### [Try it]
Where the string "storey" appears in a line of the data, show that line.

[[ Material provided open ]]

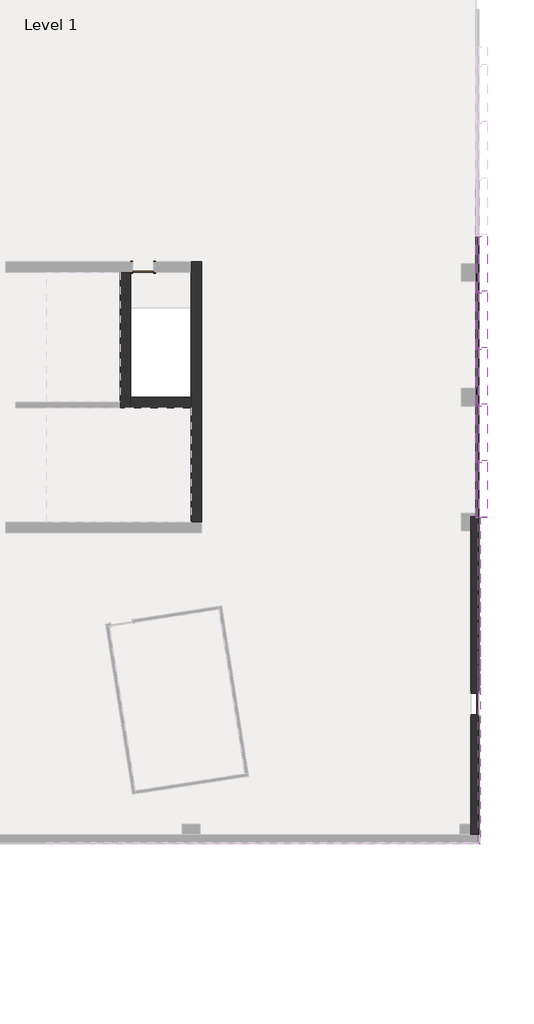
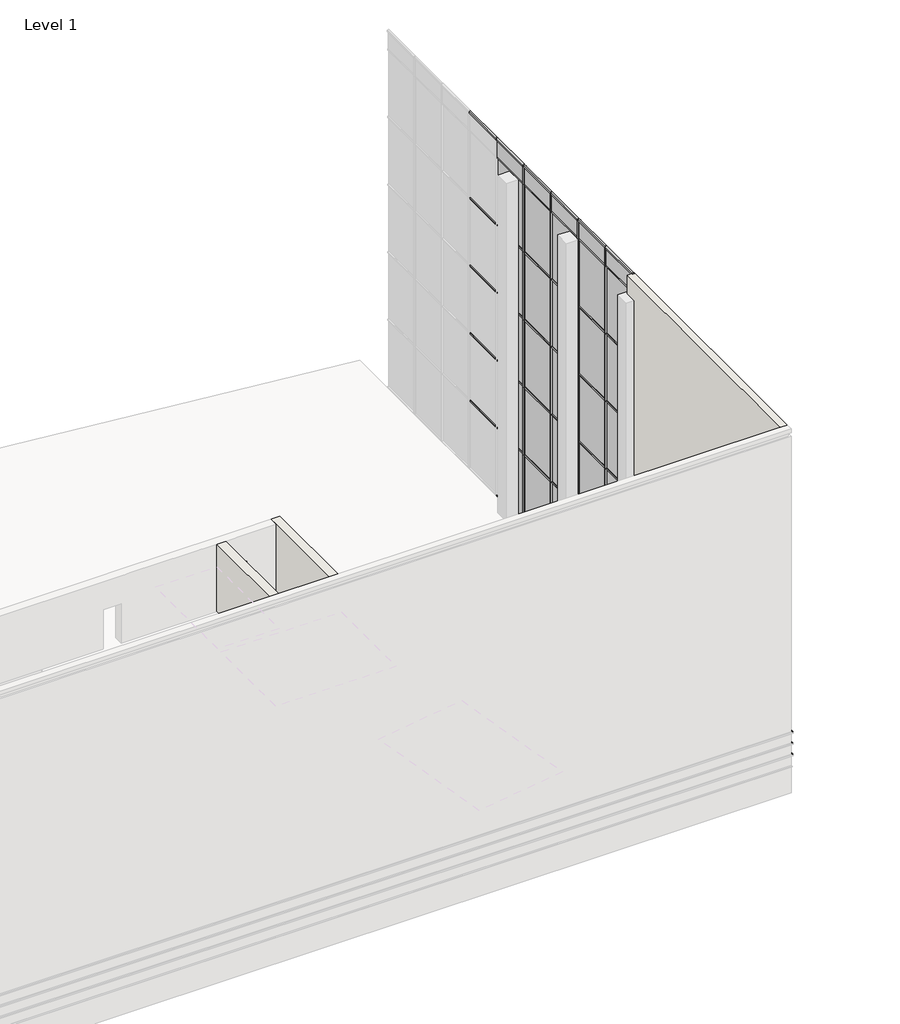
# One storey, part 8 of 23: 70 members, 30 plates, 4 walls, 3 proxies, 1 door.
"""IFC4 building model written with IfcOpenShell, lengths in millimetres."""

from ifc_helpers import new_model, si_unit, frame, origin, origin_with_axes, place, context, project, spatial, polyline, outline, extrude, faceted_brep, transform, mapped, element, save
from components import door_3c99239a, member_4178592a, member_8dc9af40, member_0491a5d0, member_26e31a6d, member_a26b4311, member_810865a4, member_90793d7c, member_64b167af, system_panel_glazed_bb983545, system_panel_solid_a8b18003

model = new_model("IFC4")

# Units and contexts
model_context = context("Model", 3, world=origin())
ifc_project = project(units=[si_unit("LENGTHUNIT", "METRE", prefix="MILLI")], contexts=[model_context])

# Site, building, storey
site = spatial("IfcSite", under=ifc_project)
building = spatial("IfcBuilding", under=site)
storey = spatial("IfcBuildingStorey", under=building, Name="Level 1", Elevation=0.0)

# Proxies
placement = place(None, origin())
element("IfcBuildingElementProxy", 1, Name="Reveals", at=placement, inside=storey, context=model_context, shape_type="SweptSolid", body=[
    extrude(outline(polyline([(15157.6054088, -14142.3728492), (15249.6804088, -14142.3728492), (15249.6804088, -21686.0488327), (15157.6054088, -21686.0488327), (15157.6054088, -14142.3728492)])), frame((0.0, 0.0, 1625.6), z_axis=(0.0, 0.0, 1.0), x_axis=(1.0, 0.0, 0.0)), (0.0, 0.0, 1.0), 67.7333333),
    extrude(outline(polyline([(15157.6054088, -22600.4488327), (15249.6804088, -22600.4488327), (15249.6804088, -28148.8853492), (15157.6054088, -28056.8103492), (15157.6054088, -22600.4488327)])), frame((0.0, 0.0, 1625.6), z_axis=(0.0, 0.0, 1.0), x_axis=(1.0, 0.0, 0.0)), (0.0, 0.0, 1.0), 67.7333333),
])
element("IfcBuildingElementProxy", 2, Name="Reveals", at=placement, inside=storey, context=model_context, shape_type="SweptSolid", body=[
    extrude(outline(polyline([(15157.6054088, -14142.3728492), (15249.6804088, -14142.3728492), (15249.6804088, -28148.8853492), (15157.6054088, -28056.8103492), (15157.6054088, -14142.3728492)])), frame((0.0, 0.0, 2235.2), z_axis=(0.0, 0.0, 1.0), x_axis=(1.0, 0.0, 0.0)), (0.0, 0.0, 1.0), 67.7333333),
])
element("IfcBuildingElementProxy", 3, Name="Reveals", at=placement, inside=storey, context=model_context, shape_type="SweptSolid", body=[
    extrude(outline(polyline([(15157.6054088, -14142.3728492), (15249.6804088, -14142.3728492), (15249.6804088, -28148.8853492), (15157.6054088, -28056.8103492), (15157.6054088, -14142.3728492)])), frame((0.0, 0.0, 2844.8), z_axis=(0.0, 0.0, 1.0), x_axis=(1.0, 0.0, 0.0)), (0.0, 0.0, 1.0), 67.7333333),
])

# Door
door_shape = door_3c99239a(model_context)
element("IfcDoor", 4, ObjectType="Single-Flush : 36\" x 84\"", at=placement, inside=storey, context=model_context, shape_type="MappedRepresentation", body=[
    mapped(door_shape, transform((817.7000645, -3469.6103492, 0.0), x_axis=(-1.0, 0.0, 0.0), y_axis=(0.0, -1.0, 0.0), z_axis=(0.0, 0.0, 1.0))),
])

# Members
member_shape = member_4178592a(model_context)
element("IfcMember", 5, ObjectType="Quad Corner Mullion : 5\" x 5\" Quad Corner", at=placement, inside=storey, context=model_context, shape_type="MappedRepresentation", body=[
    mapped(member_shape, transform((15106.8054088, -14174.1228492, 19304.0), x_axis=(0.0, 0.0, 1.0), y_axis=(-1.0, 0.0, 0.0), z_axis=(0.0, -1.0, 0.0))),
])
element("IfcMember", 6, ObjectType="Quad Corner Mullion : 5\" x 5\" Quad Corner", at=placement, inside=storey, context=model_context, shape_type="MappedRepresentation", body=[
    mapped(member_shape, transform((15106.8054088, -2083.3335112, 19304.0), x_axis=(0.0, 0.0, 1.0), y_axis=(-1.0, 0.0, 0.0), z_axis=(0.0, -1.0, 0.0))),
])
element("IfcMember", 7, ObjectType="Quad Corner Mullion : 5\" x 5\" Quad Corner", at=placement, inside=storey, context=model_context, shape_type="MappedRepresentation", body=[
    mapped(member_shape, transform((15106.8054088, -4501.4913788, 19304.0), x_axis=(0.0, 0.0, 1.0), y_axis=(-1.0, 0.0, 0.0), z_axis=(0.0, -1.0, 0.0))),
])
element("IfcMember", 8, ObjectType="Quad Corner Mullion : 5\" x 5\" Quad Corner", at=placement, inside=storey, context=model_context, shape_type="MappedRepresentation", body=[
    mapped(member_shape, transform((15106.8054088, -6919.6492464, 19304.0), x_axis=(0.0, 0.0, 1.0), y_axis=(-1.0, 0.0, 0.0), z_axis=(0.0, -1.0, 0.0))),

[[ Material provided closed ]]

### [Written answer]
# One storey, part 8 of 23: 70 members, 30 plates, 4 walls, 3 proxies, 1 door.
# Site, building, storey
storey = spatial("IfcBuildingStorey", under=building, Name="Level 1", Elevation=0.0)
element("IfcBuildingElementProxy", 1, Name="Reveals", at=placement, inside=storey, context=model_context, shape_type="SweptSolid", body=[
element("IfcBuildingElementProxy", 2, Name="Reveals", at=placement, inside=storey, context=model_context, shape_type="SweptSolid", body=[
element("IfcBuildingElementProxy", 3, Name="Reveals", at=placement, inside=storey, context=model_context, shape_type="SweptSolid", body=[
element("IfcDoor", 4, ObjectType="Single-Flush : 36\" x 84\"", at=placement, inside=storey, context=model_context, shape_type="MappedRepresentation", body=[
element("IfcMember", 5, ObjectType="Quad Corner Mullion : 5\" x 5\" Quad Corner", at=placement, inside=storey, context=model_context, shape_type="MappedRepresentation", body=[
element("IfcMember", 6, ObjectType="Quad Corner Mullion : 5\" x 5\" Quad Corner", at=placement, inside=storey, context=model_context, shape_type="MappedRepresentation", body=[
element("IfcMember", 7, ObjectType="Quad Corner Mullion : 5\" x 5\" Quad Corner", at=placement, inside=storey, context=model_context, shape_type="MappedRepresentation", body=[
element("IfcMember", 8, ObjectType="Quad Corner Mullion : 5\" x 5\" Quad Corner", at=placement, inside=storey, context=model_context, shape_type="MappedRepresentation", body=[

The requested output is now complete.